## Extracted records
-- Opening Marker --

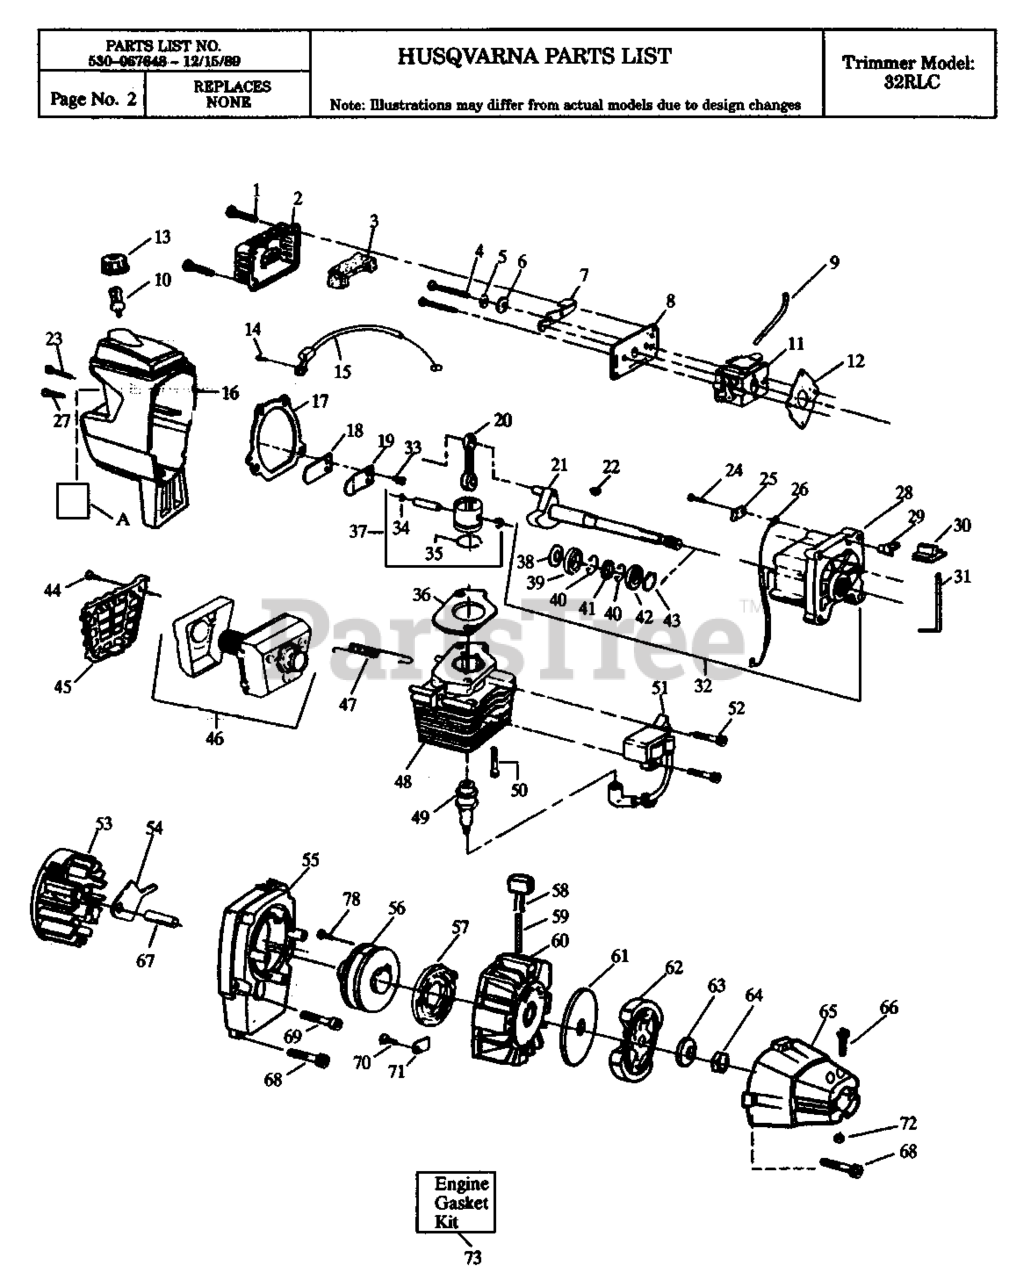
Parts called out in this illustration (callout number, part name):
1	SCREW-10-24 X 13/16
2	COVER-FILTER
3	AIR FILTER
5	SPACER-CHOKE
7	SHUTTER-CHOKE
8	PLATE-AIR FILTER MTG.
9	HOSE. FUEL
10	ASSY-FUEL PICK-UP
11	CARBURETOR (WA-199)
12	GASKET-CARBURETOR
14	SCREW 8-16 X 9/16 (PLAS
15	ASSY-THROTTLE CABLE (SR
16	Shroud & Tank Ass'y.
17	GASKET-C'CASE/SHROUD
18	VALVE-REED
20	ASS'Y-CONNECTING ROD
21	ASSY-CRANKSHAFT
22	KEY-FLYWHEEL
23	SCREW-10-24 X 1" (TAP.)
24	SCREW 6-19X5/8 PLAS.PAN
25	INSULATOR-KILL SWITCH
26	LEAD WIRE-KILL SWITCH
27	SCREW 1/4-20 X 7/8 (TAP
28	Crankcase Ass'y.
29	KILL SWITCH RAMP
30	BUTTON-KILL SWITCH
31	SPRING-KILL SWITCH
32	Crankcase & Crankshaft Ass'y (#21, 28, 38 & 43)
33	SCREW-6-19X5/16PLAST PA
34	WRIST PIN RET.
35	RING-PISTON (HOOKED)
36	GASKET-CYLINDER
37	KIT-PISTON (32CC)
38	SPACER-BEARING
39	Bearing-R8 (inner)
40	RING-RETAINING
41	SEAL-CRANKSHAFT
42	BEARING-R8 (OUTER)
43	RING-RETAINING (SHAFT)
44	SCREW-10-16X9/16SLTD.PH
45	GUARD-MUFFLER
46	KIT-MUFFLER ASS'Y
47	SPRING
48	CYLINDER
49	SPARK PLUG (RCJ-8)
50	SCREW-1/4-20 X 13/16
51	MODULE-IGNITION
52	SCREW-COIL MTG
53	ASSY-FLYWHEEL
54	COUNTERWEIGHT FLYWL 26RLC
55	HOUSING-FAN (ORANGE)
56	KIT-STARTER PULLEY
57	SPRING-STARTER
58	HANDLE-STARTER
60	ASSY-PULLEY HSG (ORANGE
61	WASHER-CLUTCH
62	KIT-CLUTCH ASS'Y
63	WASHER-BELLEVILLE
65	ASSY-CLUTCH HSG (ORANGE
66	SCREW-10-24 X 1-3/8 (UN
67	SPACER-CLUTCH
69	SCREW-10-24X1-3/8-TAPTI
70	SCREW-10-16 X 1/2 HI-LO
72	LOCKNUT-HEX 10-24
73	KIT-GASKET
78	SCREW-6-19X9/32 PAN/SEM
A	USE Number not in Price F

-- Closing Marker --

## Prompt
Output the listing exactly. Leave out any image.

## Result for this task
Parts called out in this illustration (callout number, part name):
1	SCREW-10-24 X 13/16
2	COVER-FILTER
3	AIR FILTER
5	SPACER-CHOKE
7	SHUTTER-CHOKE
8	PLATE-AIR FILTER MTG.
9	HOSE. FUEL
10	ASSY-FUEL PICK-UP
11	CARBURETOR (WA-199)
12	GASKET-CARBURETOR
14	SCREW 8-16 X 9/16 (PLAS
15	ASSY-THROTTLE CABLE (SR
16	Shroud & Tank Ass'y.
17	GASKET-C'CASE/SHROUD
18	VALVE-REED
20	ASS'Y-CONNECTING ROD
21	ASSY-CRANKSHAFT
22	KEY-FLYWHEEL
23	SCREW-10-24 X 1" (TAP.)
24	SCREW 6-19X5/8 PLAS.PAN
25	INSULATOR-KILL SWITCH
26	LEAD WIRE-KILL SWITCH
27	SCREW 1/4-20 X 7/8 (TAP
28	Crankcase Ass'y.
29	KILL SWITCH RAMP
30	BUTTON-KILL SWITCH
31	SPRING-KILL SWITCH
32	Crankcase & Crankshaft Ass'y (#21, 28, 38 & 43)
33	SCREW-6-19X5/16PLAST PA
34	WRIST PIN RET.
35	RING-PISTON (HOOKED)
36	GASKET-CYLINDER
37	KIT-PISTON (32CC)
38	SPACER-BEARING
39	Bearing-R8 (inner)
40	RING-RETAINING
41	SEAL-CRANKSHAFT
42	BEARING-R8 (OUTER)
43	RING-RETAINING (SHAFT)
44	SCREW-10-16X9/16SLTD.PH
45	GUARD-MUFFLER
46	KIT-MUFFLER ASS'Y
47	SPRING
48	CYLINDER
49	SPARK PLUG (RCJ-8)
50	SCREW-1/4-20 X 13/16
51	MODULE-IGNITION
52	SCREW-COIL MTG
53	ASSY-FLYWHEEL
54	COUNTERWEIGHT FLYWL 26RLC
55	HOUSING-FAN (ORANGE)
56	KIT-STARTER PULLEY
57	SPRING-STARTER
58	HANDLE-STARTER
60	ASSY-PULLEY HSG (ORANGE
61	WASHER-CLUTCH
62	KIT-CLUTCH ASS'Y
63	WASHER-BELLEVILLE
65	ASSY-CLUTCH HSG (ORANGE
66	SCREW-10-24 X 1-3/8 (UN
67	SPACER-CLUTCH
69	SCREW-10-24X1-3/8-TAPTI
70	SCREW-10-16 X 1/2 HI-LO
72	LOCKNUT-HEX 10-24
73	KIT-GASKET
78	SCREW-6-19X9/32 PAN/SEM
A	USE Number not in Price F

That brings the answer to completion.